Segment Start: Supplied data
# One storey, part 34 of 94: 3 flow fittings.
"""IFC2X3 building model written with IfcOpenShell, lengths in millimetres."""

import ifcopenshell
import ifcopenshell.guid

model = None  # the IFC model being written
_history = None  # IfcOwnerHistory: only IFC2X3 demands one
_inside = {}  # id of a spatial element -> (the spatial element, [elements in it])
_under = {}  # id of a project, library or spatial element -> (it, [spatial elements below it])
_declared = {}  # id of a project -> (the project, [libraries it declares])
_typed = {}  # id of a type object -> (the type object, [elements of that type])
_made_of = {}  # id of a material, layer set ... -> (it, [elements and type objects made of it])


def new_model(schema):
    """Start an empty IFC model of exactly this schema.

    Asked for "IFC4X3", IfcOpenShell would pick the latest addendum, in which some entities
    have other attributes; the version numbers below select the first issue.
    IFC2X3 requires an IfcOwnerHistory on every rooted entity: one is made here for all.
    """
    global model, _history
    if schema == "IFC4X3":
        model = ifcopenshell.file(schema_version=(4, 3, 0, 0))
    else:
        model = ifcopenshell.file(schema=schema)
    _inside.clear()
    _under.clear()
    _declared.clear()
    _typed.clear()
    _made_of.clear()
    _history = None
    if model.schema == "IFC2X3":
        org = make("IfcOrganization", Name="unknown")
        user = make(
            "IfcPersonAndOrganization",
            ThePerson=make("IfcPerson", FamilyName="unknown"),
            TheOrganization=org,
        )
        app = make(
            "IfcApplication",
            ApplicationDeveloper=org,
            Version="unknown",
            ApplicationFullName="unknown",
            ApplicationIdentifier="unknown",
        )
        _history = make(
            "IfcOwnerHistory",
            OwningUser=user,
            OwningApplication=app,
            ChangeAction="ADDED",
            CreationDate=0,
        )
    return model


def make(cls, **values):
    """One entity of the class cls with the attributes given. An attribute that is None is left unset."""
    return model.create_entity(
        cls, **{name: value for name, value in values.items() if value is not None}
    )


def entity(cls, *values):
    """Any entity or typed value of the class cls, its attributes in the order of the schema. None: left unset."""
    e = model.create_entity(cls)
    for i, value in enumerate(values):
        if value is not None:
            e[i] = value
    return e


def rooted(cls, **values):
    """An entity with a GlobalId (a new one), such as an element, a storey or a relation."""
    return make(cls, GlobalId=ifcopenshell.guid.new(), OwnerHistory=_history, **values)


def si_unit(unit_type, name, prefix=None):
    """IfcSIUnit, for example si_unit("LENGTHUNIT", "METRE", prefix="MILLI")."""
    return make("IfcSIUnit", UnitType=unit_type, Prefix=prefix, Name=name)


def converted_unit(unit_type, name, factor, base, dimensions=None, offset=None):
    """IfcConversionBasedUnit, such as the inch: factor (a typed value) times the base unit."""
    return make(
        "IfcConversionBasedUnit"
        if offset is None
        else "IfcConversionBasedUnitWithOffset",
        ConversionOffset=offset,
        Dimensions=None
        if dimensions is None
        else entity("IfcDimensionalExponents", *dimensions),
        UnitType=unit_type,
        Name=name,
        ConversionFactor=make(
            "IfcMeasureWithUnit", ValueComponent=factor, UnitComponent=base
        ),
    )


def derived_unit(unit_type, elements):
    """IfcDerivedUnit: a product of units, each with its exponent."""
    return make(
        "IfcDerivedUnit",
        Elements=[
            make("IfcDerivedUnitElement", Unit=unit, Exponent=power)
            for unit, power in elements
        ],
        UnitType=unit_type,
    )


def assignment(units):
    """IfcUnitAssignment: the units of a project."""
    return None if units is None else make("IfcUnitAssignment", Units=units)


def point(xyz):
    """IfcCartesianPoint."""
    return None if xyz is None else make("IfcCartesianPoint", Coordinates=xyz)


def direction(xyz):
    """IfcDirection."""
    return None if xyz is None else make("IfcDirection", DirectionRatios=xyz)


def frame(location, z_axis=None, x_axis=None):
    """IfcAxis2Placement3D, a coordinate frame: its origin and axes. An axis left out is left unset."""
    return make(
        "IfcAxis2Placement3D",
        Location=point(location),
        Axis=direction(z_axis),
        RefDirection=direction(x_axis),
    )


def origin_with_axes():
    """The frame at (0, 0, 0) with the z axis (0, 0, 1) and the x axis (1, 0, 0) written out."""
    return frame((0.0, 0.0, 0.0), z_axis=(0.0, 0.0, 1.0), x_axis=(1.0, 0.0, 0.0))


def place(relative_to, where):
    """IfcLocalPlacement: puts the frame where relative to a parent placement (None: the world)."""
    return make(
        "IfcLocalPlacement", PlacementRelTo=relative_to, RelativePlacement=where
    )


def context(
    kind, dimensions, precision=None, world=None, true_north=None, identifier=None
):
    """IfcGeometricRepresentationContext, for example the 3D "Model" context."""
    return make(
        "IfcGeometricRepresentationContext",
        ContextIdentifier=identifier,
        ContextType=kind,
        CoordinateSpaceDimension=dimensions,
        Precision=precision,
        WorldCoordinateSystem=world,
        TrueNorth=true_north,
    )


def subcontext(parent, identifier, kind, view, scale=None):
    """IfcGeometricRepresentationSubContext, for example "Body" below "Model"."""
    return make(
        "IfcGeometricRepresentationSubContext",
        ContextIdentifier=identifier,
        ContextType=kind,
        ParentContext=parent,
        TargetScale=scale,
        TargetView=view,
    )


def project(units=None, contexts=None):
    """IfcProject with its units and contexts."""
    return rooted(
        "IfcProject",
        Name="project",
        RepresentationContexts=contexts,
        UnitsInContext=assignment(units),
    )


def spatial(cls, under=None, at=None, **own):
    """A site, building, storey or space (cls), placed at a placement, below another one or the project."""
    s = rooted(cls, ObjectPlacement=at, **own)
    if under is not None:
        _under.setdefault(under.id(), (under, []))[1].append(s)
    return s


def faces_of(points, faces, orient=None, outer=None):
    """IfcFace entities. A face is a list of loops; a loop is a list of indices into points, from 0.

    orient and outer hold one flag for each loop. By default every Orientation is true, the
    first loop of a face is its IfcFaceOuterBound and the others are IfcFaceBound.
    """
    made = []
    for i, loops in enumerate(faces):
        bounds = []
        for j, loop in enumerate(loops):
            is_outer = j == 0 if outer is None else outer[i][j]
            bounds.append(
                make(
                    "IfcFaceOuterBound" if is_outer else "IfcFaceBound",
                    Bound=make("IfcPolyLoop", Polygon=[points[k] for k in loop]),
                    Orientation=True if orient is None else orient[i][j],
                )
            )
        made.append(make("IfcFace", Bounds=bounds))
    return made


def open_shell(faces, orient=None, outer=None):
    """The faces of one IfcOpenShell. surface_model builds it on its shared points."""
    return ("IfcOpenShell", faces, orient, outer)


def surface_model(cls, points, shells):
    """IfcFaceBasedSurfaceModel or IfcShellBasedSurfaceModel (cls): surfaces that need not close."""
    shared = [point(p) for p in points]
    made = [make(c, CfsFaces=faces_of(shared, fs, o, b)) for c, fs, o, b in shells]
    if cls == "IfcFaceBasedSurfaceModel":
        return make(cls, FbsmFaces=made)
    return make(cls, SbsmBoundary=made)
Segment End: Supplied data
» **Exercise brief**
Each line above is to be reproduced exactly.

» **Solved problem**
# One storey, part 34 of 94: 3 flow fittings.
"""IFC2X3 building model written with IfcOpenShell, lengths in millimetres."""

import ifcopenshell
import ifcopenshell.guid

model = None  # the IFC model being written
_history = None  # IfcOwnerHistory: only IFC2X3 demands one
_inside = {}  # id of a spatial element -> (the spatial element, [elements in it])
_under = {}  # id of a project, library or spatial element -> (it, [spatial elements below it])
_declared = {}  # id of a project -> (the project, [libraries it declares])
_typed = {}  # id of a type object -> (the type object, [elements of that type])
_made_of = {}  # id of a material, layer set ... -> (it, [elements and type objects made of it])


def new_model(schema):
    """Start an empty IFC model of exactly this schema.

    Asked for "IFC4X3", IfcOpenShell would pick the latest addendum, in which some entities
    have other attributes; the version numbers below select the first issue.
    IFC2X3 requires an IfcOwnerHistory on every rooted entity: one is made here for all.
    """
    global model, _history
    if schema == "IFC4X3":
        model = ifcopenshell.file(schema_version=(4, 3, 0, 0))
    else:
        model = ifcopenshell.file(schema=schema)
    _inside.clear()
    _under.clear()
    _declared.clear()
    _typed.clear()
    _made_of.clear()
    _history = None
    if model.schema == "IFC2X3":
        org = make("IfcOrganization", Name="unknown")
        user = make(
            "IfcPersonAndOrganization",
            ThePerson=make("IfcPerson", FamilyName="unknown"),
            TheOrganization=org,
        )
        app = make(
            "IfcApplication",
            ApplicationDeveloper=org,
            Version="unknown",
            ApplicationFullName="unknown",
            ApplicationIdentifier="unknown",
        )
        _history = make(
            "IfcOwnerHistory",
            OwningUser=user,
            OwningApplication=app,
            ChangeAction="ADDED",
            CreationDate=0,
        )
    return model


def make(cls, **values):
    """One entity of the class cls with the attributes given. An attribute that is None is left unset."""
    return model.create_entity(
        cls, **{name: value for name, value in values.items() if value is not None}
    )


def entity(cls, *values):
    """Any entity or typed value of the class cls, its attributes in the order of the schema. None: left unset."""
    e = model.create_entity(cls)
    for i, value in enumerate(values):
        if value is not None:
            e[i] = value
    return e


def rooted(cls, **values):
    """An entity with a GlobalId (a new one), such as an element, a storey or a relation."""
    return make(cls, GlobalId=ifcopenshell.guid.new(), OwnerHistory=_history, **values)


def si_unit(unit_type, name, prefix=None):
    """IfcSIUnit, for example si_unit("LENGTHUNIT", "METRE", prefix="MILLI")."""
    return make("IfcSIUnit", UnitType=unit_type, Prefix=prefix, Name=name)


def converted_unit(unit_type, name, factor, base, dimensions=None, offset=None):
    """IfcConversionBasedUnit, such as the inch: factor (a typed value) times the base unit."""
    return make(
        "IfcConversionBasedUnit"
        if offset is None
        else "IfcConversionBasedUnitWithOffset",
        ConversionOffset=offset,
        Dimensions=None
        if dimensions is None
        else entity("IfcDimensionalExponents", *dimensions),
        UnitType=unit_type,
        Name=name,
        ConversionFactor=make(
            "IfcMeasureWithUnit", ValueComponent=factor, UnitComponent=base
        ),
    )


def derived_unit(unit_type, elements):
    """IfcDerivedUnit: a product of units, each with its exponent."""
    return make(
        "IfcDerivedUnit",
        Elements=[
            make("IfcDerivedUnitElement", Unit=unit, Exponent=power)
            for unit, power in elements
        ],
        UnitType=unit_type,
    )


def assignment(units):
    """IfcUnitAssignment: the units of a project."""
    return None if units is None else make("IfcUnitAssignment", Units=units)


def point(xyz):
    """IfcCartesianPoint."""
    return None if xyz is None else make("IfcCartesianPoint", Coordinates=xyz)


def direction(xyz):
    """IfcDirection."""
    return None if xyz is None else make("IfcDirection", DirectionRatios=xyz)


def frame(location, z_axis=None, x_axis=None):
    """IfcAxis2Placement3D, a coordinate frame: its origin and axes. An axis left out is left unset."""
    return make(
        "IfcAxis2Placement3D",
        Location=point(location),
        Axis=direction(z_axis),
        RefDirection=direction(x_axis),
    )


def origin_with_axes():
    """The frame at (0, 0, 0) with the z axis (0, 0, 1) and the x axis (1, 0, 0) written out."""
    return frame((0.0, 0.0, 0.0), z_axis=(0.0, 0.0, 1.0), x_axis=(1.0, 0.0, 0.0))


def place(relative_to, where):
    """IfcLocalPlacement: puts the frame where relative to a parent placement (None: the world)."""
    return make(
        "IfcLocalPlacement", PlacementRelTo=relative_to, RelativePlacement=where
    )


def context(
    kind, dimensions, precision=None, world=None, true_north=None, identifier=None
):
    """IfcGeometricRepresentationContext, for example the 3D "Model" context."""
    return make(
        "IfcGeometricRepresentationContext",
        ContextIdentifier=identifier,
        ContextType=kind,
        CoordinateSpaceDimension=dimensions,
        Precision=precision,
        WorldCoordinateSystem=world,
        TrueNorth=true_north,
    )


def subcontext(parent, identifier, kind, view, scale=None):
    """IfcGeometricRepresentationSubContext, for example "Body" below "Model"."""
    return make(
        "IfcGeometricRepresentationSubContext",
        ContextIdentifier=identifier,
        ContextType=kind,
        ParentContext=parent,
        TargetScale=scale,
        TargetView=view,
    )


def project(units=None, contexts=None):
    """IfcProject with its units and contexts."""
    return rooted(
        "IfcProject",
        Name="project",
        RepresentationContexts=contexts,
        UnitsInContext=assignment(units),
    )


def spatial(cls, under=None, at=None, **own):
    """A site, building, storey or space (cls), placed at a placement, below another one or the project."""
    s = rooted(cls, ObjectPlacement=at, **own)
    if under is not None:
        _under.setdefault(under.id(), (under, []))[1].append(s)
    return s


def faces_of(points, faces, orient=None, outer=None):
    """IfcFace entities. A face is a list of loops; a loop is a list of indices into points, from 0.

    orient and outer hold one flag for each loop. By default every Orientation is true, the
    first loop of a face is its IfcFaceOuterBound and the others are IfcFaceBound.
    """
    made = []
    for i, loops in enumerate(faces):
        bounds = []
        for j, loop in enumerate(loops):
            is_outer = j == 0 if outer is None else outer[i][j]
            bounds.append(
                make(
                    "IfcFaceOuterBound" if is_outer else "IfcFaceBound",
                    Bound=make("IfcPolyLoop", Polygon=[points[k] for k in loop]),
                    Orientation=True if orient is None else orient[i][j],
                )
            )
        made.append(make("IfcFace", Bounds=bounds))
    return made


def open_shell(faces, orient=None, outer=None):
    """The faces of one IfcOpenShell. surface_model builds it on its shared points."""
    return ("IfcOpenShell", faces, orient, outer)


def surface_model(cls, points, shells):
    """IfcFaceBasedSurfaceModel or IfcShellBasedSurfaceModel (cls): surfaces that need not close."""
    shared = [point(p) for p in points]
    made = [make(c, CfsFaces=faces_of(shared, fs, o, b)) for c, fs, o, b in shells]
    if cls == "IfcFaceBasedSurfaceModel":
        return make(cls, FbsmFaces=made)
    return make(cls, SbsmBoundary=made)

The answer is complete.